What do you guys think about this new lens? Only downside is that its for APS-C sensor cameras only.

Sigma to Unveil a Crazy Fast 50-100mm f/1.8 Art Lens


----------



## pixmedic (Feb 19, 2016)

wuh?
seems like a great low light event lens... just be careful with that DOF!


----------



## Derrel (Feb 19, 2016)

I just happened to see this a few minutes ago, and looked at the Japanese site that leaked the news. This lens has some good stuff it would seem! A 21-element, 15-group design,I believe it's 3 FLD low-dispersion optical elements, listed as internal focus, listed as internal zooming, tripod collar, about 1490 grams in weight (3.28 pounds), $1500 price. If it is actually internal zooming, perhaps the lens will not change overall length at all when zoomed, which would be nice, and might, I emphasize might, have something to do with making the lens more water-resistant more easily, in engineering respects.Can't be sure on sealing/weather proofing from what I've seen; that's not a big issue to me,personally, but many people kvetch about that, so who knows what Sigma's sales and engineering goals were when designing this lens WRT to sealing against the elements.

The lens looks nice in the photo, and since it's an Art series, you know it will have that solid, smooth, cool, sort of "expensive" feeling in the hand. Cosmetics, aesthetics, and tactile qualities are all things Sigma has emphasized to a high degree in their new Art series lenses, which look, and feel very nice, and also match the looks of 2010's-decade cameras.

I can TOTALLY see the appeal of a 50-100mm f/1.8 lens for APS-C cameras. A really FAST lens like this could be useful, really,really useful, and when stopped down to f/2.8 it might offer really good optical performance.

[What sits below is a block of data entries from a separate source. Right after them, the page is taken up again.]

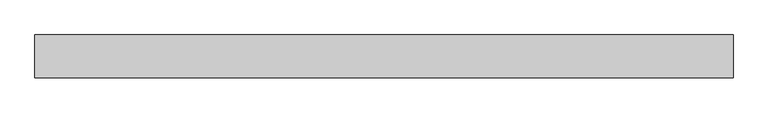
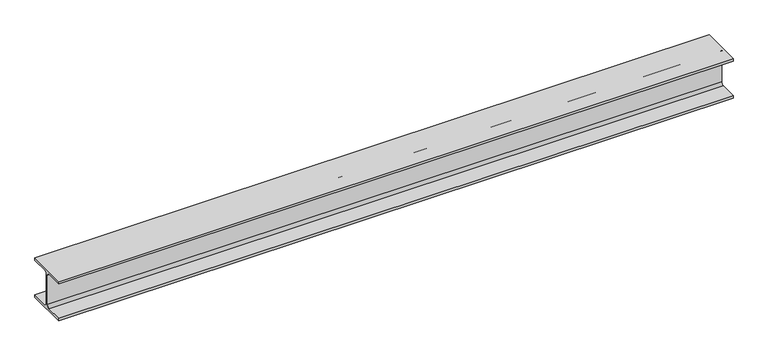
"""IFC4 building model written with IfcOpenShell, lengths in millimetres: beam geometry, 0912_Steel Framing_H-KSD3502 : H_SB_ASB_H-200x200x8x12."""

from ifc_helpers import new_model, si_unit, point, frame, frame_2d, origin, place, context, project, spatial, polyline, circle_curve, trimmed, segment, composite_curve, outline, extrude, source, transform, mapped, element, save


def beam_25fc42c0(model_context):
    return source(origin(), model_context, "Body", "SweptSolid", [
        extrude(outline(composite_curve([segment(polyline([(100.0, -88.0), (100.0, -100.0), (-100.0, -100.0), (-100.0, -88.0), (-17.0, -88.0)]), True, "CONTINUOUS"), segment(trimmed(circle_curve(frame_2d((-17.0, -75.0)), 13.0), [point((-17.0, -88.0))], [point((-4.0, -75.0))], True, "CARTESIAN"), True, "CONTINUOUS"), segment(polyline([(-4.0, -75.0), (-4.0, 75.0)]), True, "CONTINUOUS"), segment(trimmed(circle_curve(frame_2d((-17.0, 75.0)), 13.0), [point((-4.0, 75.0))], [point((-17.0, 88.0))], True, "CARTESIAN"), True, "CONTINUOUS"), segment(polyline([(-17.0, 88.0), (-100.0, 88.0), (-100.0, 100.0), (100.0, 100.0), (100.0, 88.0), (17.0, 88.0)]), True, "CONTINUOUS"), segment(trimmed(circle_curve(frame_2d((17.0, 75.0)), 13.0), [point((17.0, 88.0))], [point((4.0, 75.0))], True, "CARTESIAN"), True, "CONTINUOUS"), segment(polyline([(4.0, 75.0), (4.0, -75.0)]), True, "CONTINUOUS"), segment(trimmed(circle_curve(frame_2d((17.0, -75.0)), 13.0), [point((4.0, -75.0))], [point((17.0, -88.0))], True, "CARTESIAN"), True, "CONTINUOUS"), segment(polyline([(17.0, -88.0), (100.0, -88.0)]), True, "CONTINUOUS")], self_intersect=False)), frame((-1674.0143894, 0.0, 0.0), z_axis=(1.0, 0.0, 0.0), x_axis=(0.0, 1.0, 0.0)), (0.0, 0.0, 1.0), 3242.0146865),
    ])


if __name__ == "__main__":
    model = new_model("IFC4")
    model_context = context("Model", 3, world=origin())
    ifc_project = project(units=[si_unit("LENGTHUNIT", "METRE", prefix="MILLI")], contexts=[model_context])
    site = spatial("IfcSite", under=ifc_project)
    building = spatial("IfcBuilding", under=site)
    placement = place(None, origin())
    beam_shape = beam_25fc42c0(model_context)
    element("IfcBeam", 1, ObjectType="0912_Steel Framing_H-KSD3502 : H_SB_ASB_H-200x200x8x12", at=placement, inside=building, context=model_context, shape_type="MappedRepresentation", body=[
        mapped(beam_shape, transform((0.0, 0.0, 0.0), x_axis=(1.0, 0.0, 0.0), y_axis=(0.0, 1.0, 0.0), z_axis=(0.0, 0.0, 1.0))),
    ])
    save(model, "model.ifc")

# Revit data of these elements
# Type "0912_Steel Framing_H-KSD3502 : H_SB_ASB_H-200x200x8x12"
#   H_WM Code_1 = "S01AA002-00001 | Main Steel Structure Fabrication Work | Shelter/Building | Medium Steel - Standard (90KG/M>Weight≥30KG/M) | Material: (   )"
#   H_WM Code_2 = "S03AA028-00001 | Main Steel Structure Erection Work | Shelter/Building | Medium Steel (90KG/M>Weight≥30KG/M) | Material: (   )"
#   H_WM Code_3 = "S01AA010-00001 | Main Steel Structure Fabrication Work | Shelter/Building | Steel Painting/Coating | for Non-Fireproofed Steel Surface, Surface Preparation, Primer, Second & Final Coat | Material: (   )"
#   H_Q'ty Cal Type Tag = "SB-Q2"
#   Width = 20.0 cm
#   Web Thickness = 0.8 cm
#   Web Fillet = 1.3 cm
#   Warping Constant = 141000.0 cm⁶
#   W = 0
#   Torsional Moment of Inertia = 26.2485 cm⁴
#   Section Area = 63.53 cm²
#   Plastic Modulus weak axis = 244.0 cm³
#   Plastic Modulus strong axis = 525.0 cm³
#   Perimeter = 1.16 m²/m
#   Nominal Weight = 49.90 kgf/m
#   Moment of Inertia weak axis = 1600.00 cm⁴
#   Moment of Inertia strong axis = 4720.00 cm⁴
#   Height = 20.0 cm
#   Flange Thickness = 1.2 cm
#   Elastic Modulus weak axis = 160.0 cm³
#   Elastic Modulus strong axis = 472.0 cm³
#   Centroid Vertical = 10.0 cm
#   Centroid Horizontal = 10.0 cm
#   Ix = 47200000
#   Length [instance default] = 1.5240 m
#   Zx = 525000
#   b = 0.2000 m
#   h = 0.2000 m
#   r = 0.0130 m
#   s = 0.0080 m
#   t = 0.0120 m
#   A = 0.006353 m²
#   Structural Material [instance default] = Steel, 45-345
#   Assembly Code = ""
# Element 1 (IfcBeam, "0912_Steel Framing_H-KSD3502 : H_SB_ASB_H-200x200x8x12")
#   Structural Material = none
# Materials
#   "Steel, 45-345": class "Metal", colour RGB 189 187 185, transparency 0, Description = "Steel 345 MPa", Cost = 0

With the short lens lengths, and narrow ratio, just 2:1 and NOT overly long, it might keep chromatic aberration super-low, which would be a plus.


----------



## Dave442 (Feb 19, 2016)

I guess for those new 80D and D500 owners. Love to see new lenses like this.


----------



## cherylynne1 (Feb 19, 2016)

For APS-C, this might be the new version of the ultimate portrait lens. Pretty excited to see how the tests are on it. 

So many new announcements this month! Especially on things that people have been waiting on for years. The 2016 "Best of" reviews are going to be crazy competitive!!


----------



## jcdeboever (Feb 19, 2016)

$1500 is a lot of cheddar for a little better. 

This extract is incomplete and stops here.